Given data =>
▬▬▬▬▬▬

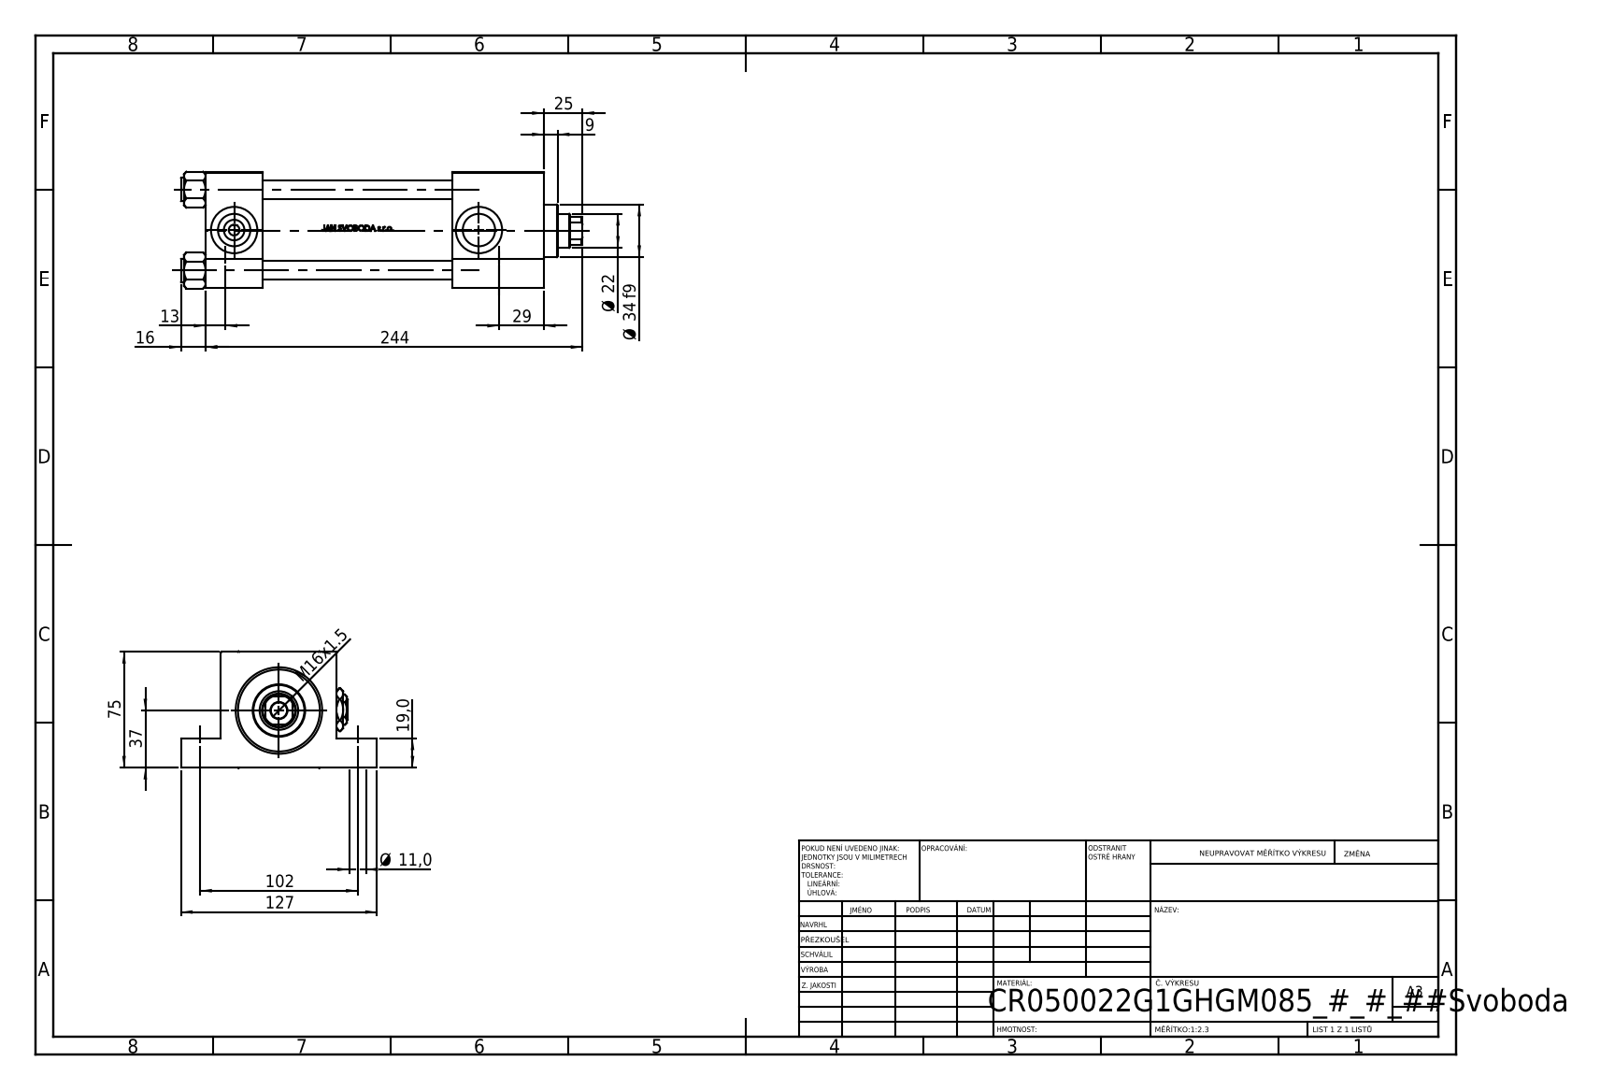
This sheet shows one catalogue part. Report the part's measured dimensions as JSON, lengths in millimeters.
{"part_name": "NUT_M5_G; V215_VC_A; V215CR_G_TYCINKA; V215CR_G_Body (+2 more)", "step_written_by": "SolidWorks 2019 (CONFIG_CONTROL_DESIGN)", "units": "millimeters", "bodies": {"solids": 12, "faces": 1134, "planar": 454, "cylindrical": 128, "other": 552}, "overall_size": [260, 127, 75.54], "volume_mm3": 838985, "surface_area_mm2": 197243, "round_holes": [[11, 4], [12, 4], [7, 2], [20.96, 2], [30, 2], [10.5, 1], [22, 1], [25, 1], [41, 1], [50, 1], [53, 1]], "round_bosses_or_shafts": [[15, 4], [56, 1], [34, 1]], "partial_cylinders_radius": [[10.5, 1]], "face_to_face_distances": [75, 37, 219, 182, 19, 56, 160, 123, 59, 26], "hole_center_spacings": [52.3, 36.63, 37.34, 73.96, 102, 177, 204.29, 158.5]}
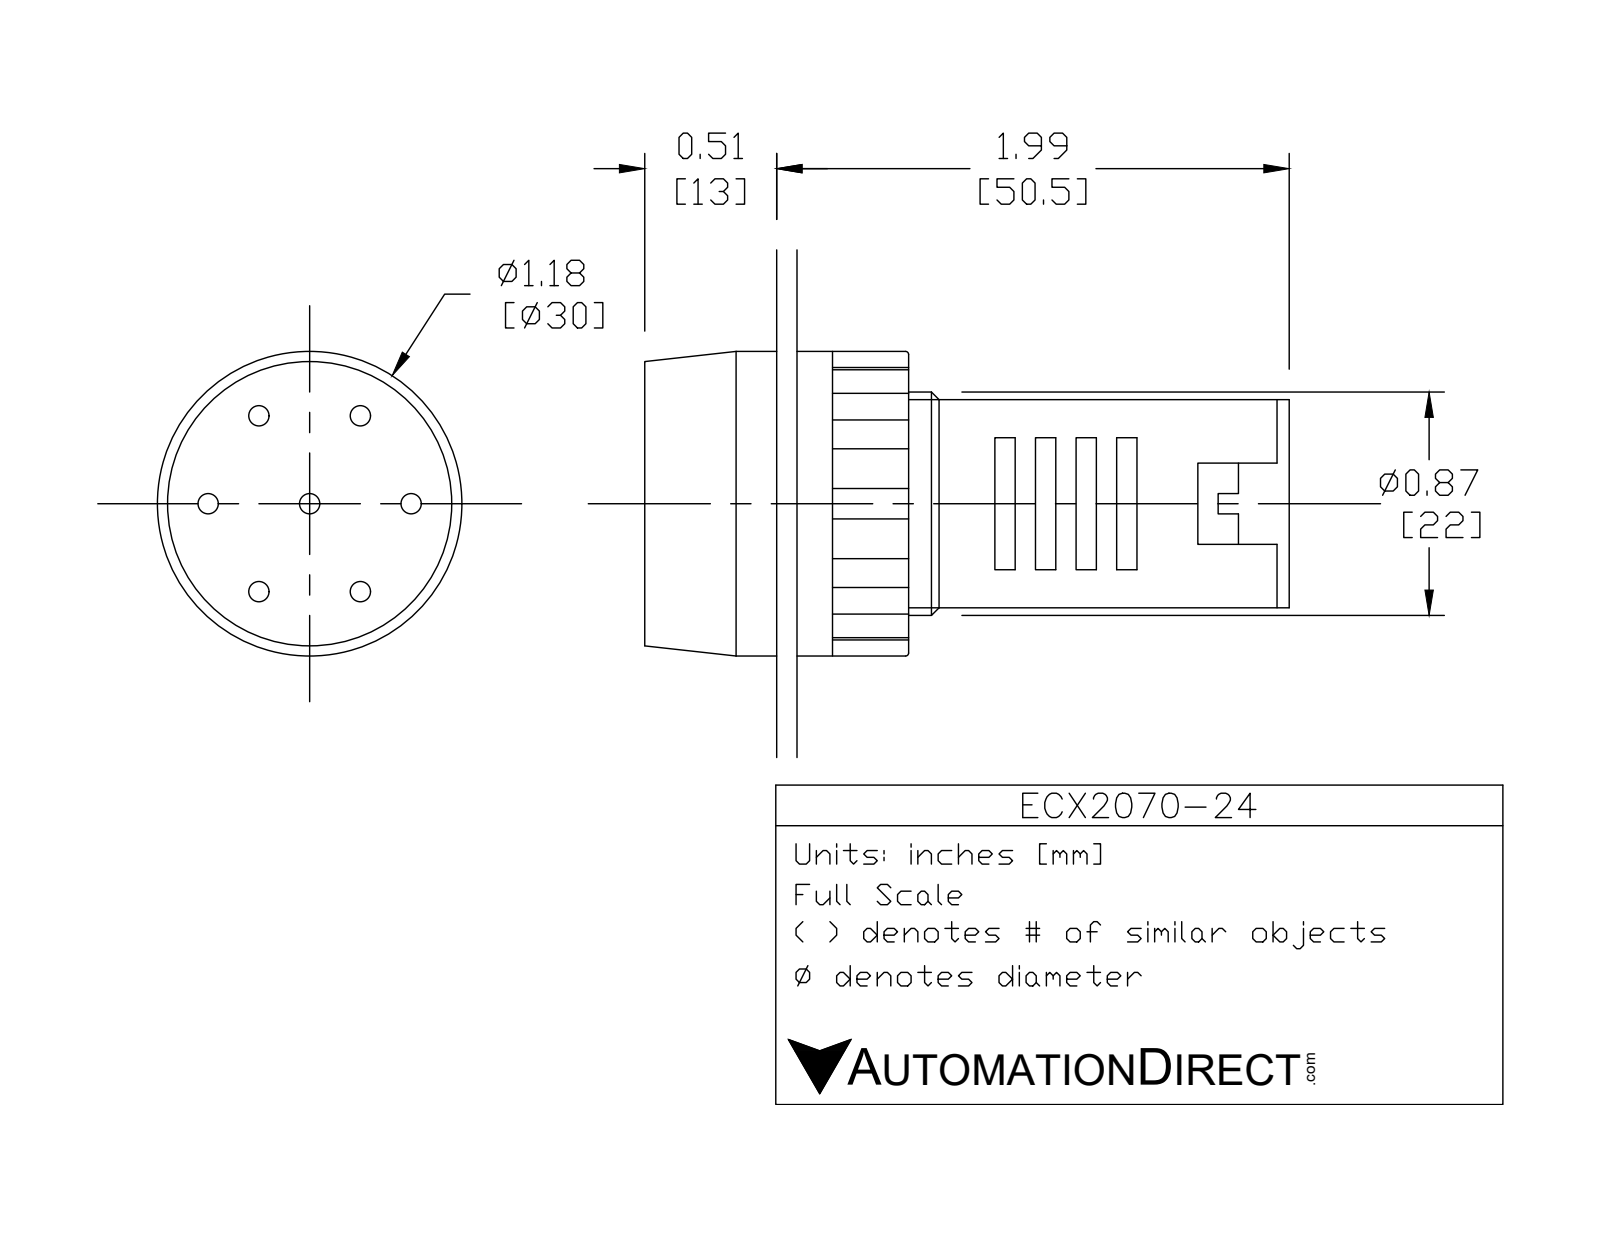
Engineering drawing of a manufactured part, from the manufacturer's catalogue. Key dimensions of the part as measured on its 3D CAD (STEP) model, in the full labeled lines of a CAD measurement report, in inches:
Part name (STEP PRODUCT): ECX2070-24
STEP written by: SolidWorks 2017 (AUTOMOTIVE_DESIGN)
Units: inches
Bodies: 6 solids, 196 faces (89 planar, 79 cylindrical, 28 other)
Overall size (bounding box): 2.5 × 1.181 × 1.181
Volume: 1.602 in³ · Surface area: 19.2 in²
Round holes (diameter × count): ⌀0.079 ×4, ⌀0.217 ×2, ⌀0.866 ×1, ⌀0.886 ×1
Round bosses / shafts (diameter × count): ⌀0.157 ×2, ⌀1.181 ×1, ⌀1.142 ×1, ⌀1.043 ×1, ⌀0.787 ×1
Partial cylindrical surfaces — rounded edges, fillets, slot ends (radius × count): R0.01 ×22, R0.039 ×8, R0.354 ×1
Main face-to-face distances: 0.079, 0.157, 0.236, 0.315, 0.394, 0.472, 0.492, 0.63, 0.02, 0.512
Hole centre spacings: 0.294, 0.394, 0.538, 0.557, 0.182, 0.787, 0.364
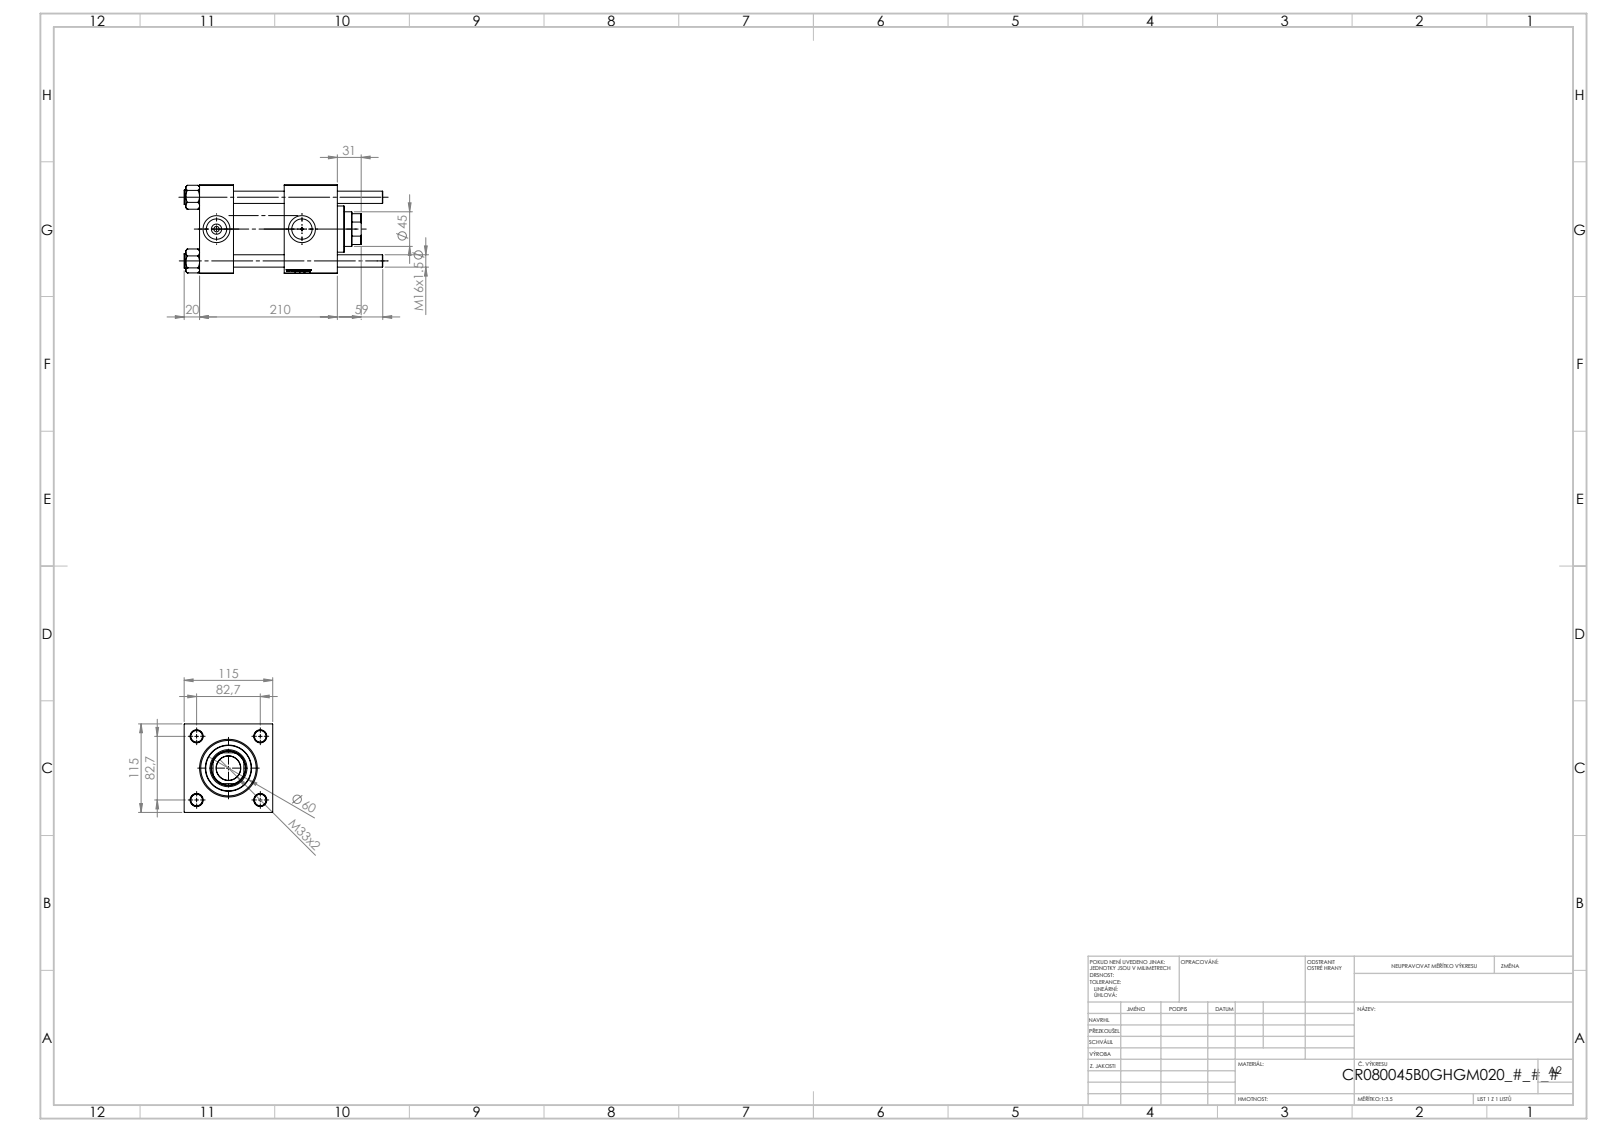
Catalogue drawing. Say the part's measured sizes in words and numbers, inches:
The part is named "V215CR_B-1; V215CR_VCP_B; V215CR_B_TYCINKA; V215_VC_A (+1 more)". Its 3-D file was written by "SolidWorks 2019 (CONFIG_CONTROL_DESIGN)". It is 11 solids with 1206 faces: 480 planar, 78 cylindrical and 648 other. Overall it measures 10.157 by 4.528 by 4.528 inches. Its volume is 115.9 cubic inches and its surface area 464.7 square inches. Round holes: 4 of diameter 0.63, 2 of diameter 0.276, 2 of diameter 1.041, 2 of diameter 1.378, 1 of diameter 1.24, 1 of diameter 1.772, 1 of diameter 1.89, 1 of diameter 2.402, 1 of diameter 2.835, 1 of diameter 3.15. Round bosses or shafts: 4 of diameter 0.748, 1 of diameter 3.386, 1 of diameter 2.362. Partial cylindrical surfaces (rounded edges, fillets, slot ends): 1 of radius 0.866. The main face-to-face distances are 4.528, 1.732, 4.331, 7.047, 5.315, 2.598, 2.717, 0.787, 5.917, 4.185. The hole center spacings are 2.302, 3.256, 4.605, 4.37.
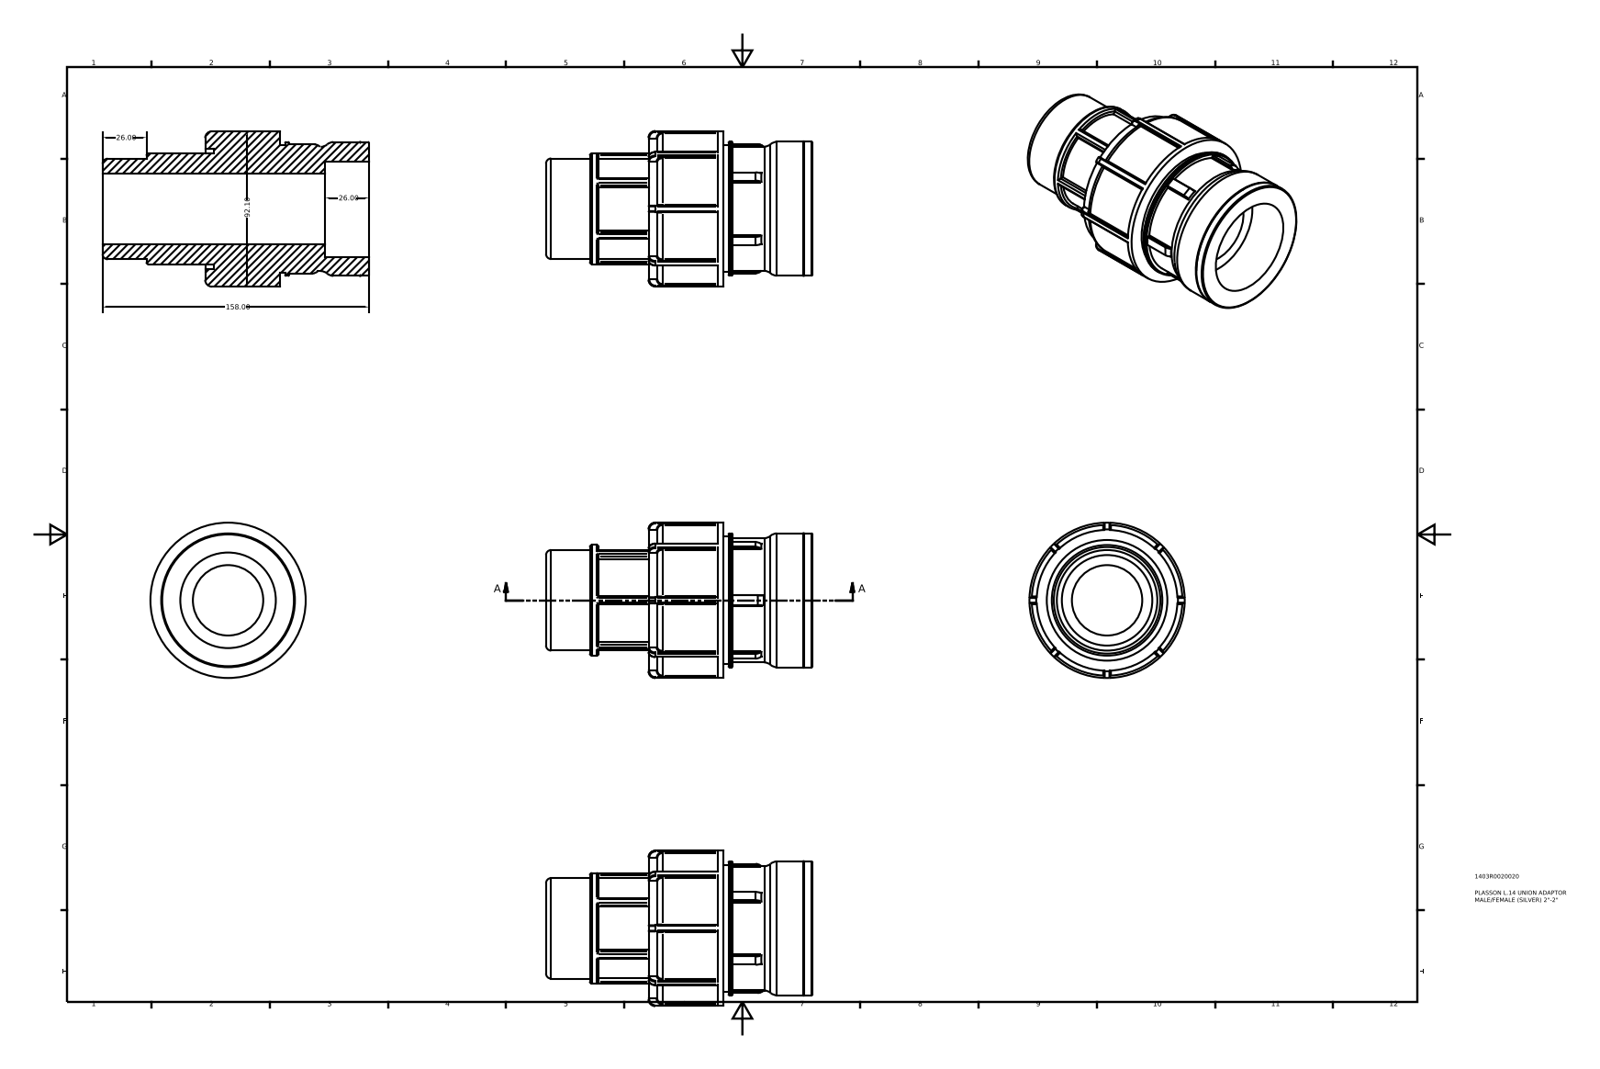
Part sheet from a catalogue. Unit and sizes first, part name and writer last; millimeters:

▬▬▬▬▬▬

Aim of the exercise =>
Word for word, restate each line above, minus its pictures.

Written response =>
This sheet shows one catalogue part. Report the part's measured dimensions as JSON, lengths in millimeters.
{"part_name": "NUT_M5_G; V215_VC_A; V215CR_G_TYCINKA; V215CR_G_Body (+2 more)", "step_written_by": "SolidWorks 2019 (CONFIG_CONTROL_DESIGN)", "units": "millimeters", "bodies": {"solids": 12, "faces": 1134, "planar": 454, "cylindrical": 128, "other": 552}, "overall_size": [260, 127, 75.54], "volume_mm3": 838985, "surface_area_mm2": 197243, "round_holes": [[11, 4], [12, 4], [7, 2], [20.96, 2], [30, 2], [10.5, 1], [22, 1], [25, 1], [41, 1], [50, 1], [53, 1]], "round_bosses_or_shafts": [[15, 4], [56, 1], [34, 1]], "partial_cylinders_radius": [[10.5, 1]], "face_to_face_distances": [75, 37, 219, 182, 19, 56, 160, 123, 59, 26], "hole_center_spacings": [52.3, 36.63, 37.34, 73.96, 102, 177, 204.29, 158.5]}
Engineering drawing of a manufactured part, from the manufacturer's catalogue. Key dimensions of the part as measured on its 3D CAD (STEP) model, in the full labeled lines of a CAD measurement report, in inches:
Part name (STEP PRODUCT): ECX2070-24
STEP written by: SolidWorks 2017 (AUTOMOTIVE_DESIGN)
Units: inches
Bodies: 6 solids, 196 faces (89 planar, 79 cylindrical, 28 other)
Overall size (bounding box): 2.5 × 1.181 × 1.181
Volume: 1.602 in³ · Surface area: 19.2 in²
Round holes (diameter × count): ⌀0.079 ×4, ⌀0.217 ×2, ⌀0.866 ×1, ⌀0.886 ×1
Round bosses / shafts (diameter × count): ⌀0.157 ×2, ⌀1.181 ×1, ⌀1.142 ×1, ⌀1.043 ×1, ⌀0.787 ×1
Partial cylindrical surfaces — rounded edges, fillets, slot ends (radius × count): R0.01 ×22, R0.039 ×8, R0.354 ×1
Main face-to-face distances: 0.079, 0.157, 0.236, 0.315, 0.394, 0.472, 0.492, 0.63, 0.02, 0.512
Hole centre spacings: 0.294, 0.394, 0.538, 0.557, 0.182, 0.787, 0.364
Catalogue drawing. Say the part's measured sizes in words and numbers, inches:
The part is named "V215CR_B-1; V215CR_VCP_B; V215CR_B_TYCINKA; V215_VC_A (+1 more)". Its 3-D file was written by "SolidWorks 2019 (CONFIG_CONTROL_DESIGN)". It is 11 solids with 1206 faces: 480 planar, 78 cylindrical and 648 other. Overall it measures 10.157 by 4.528 by 4.528 inches. Its volume is 115.9 cubic inches and its surface area 464.7 square inches. Round holes: 4 of diameter 0.63, 2 of diameter 0.276, 2 of diameter 1.041, 2 of diameter 1.378, 1 of diameter 1.24, 1 of diameter 1.772, 1 of diameter 1.89, 1 of diameter 2.402, 1 of diameter 2.835, 1 of diameter 3.15. Round bosses or shafts: 4 of diameter 0.748, 1 of diameter 3.386, 1 of diameter 2.362. Partial cylindrical surfaces (rounded edges, fillets, slot ends): 1 of radius 0.866. The main face-to-face distances are 4.528, 1.732, 4.331, 7.047, 5.315, 2.598, 2.717, 0.787, 5.917, 4.185. The hole center spacings are 2.302, 3.256, 4.605, 4.37.
Part sheet from a catalogue. Unit and sizes first, part name and writer last; millimeters:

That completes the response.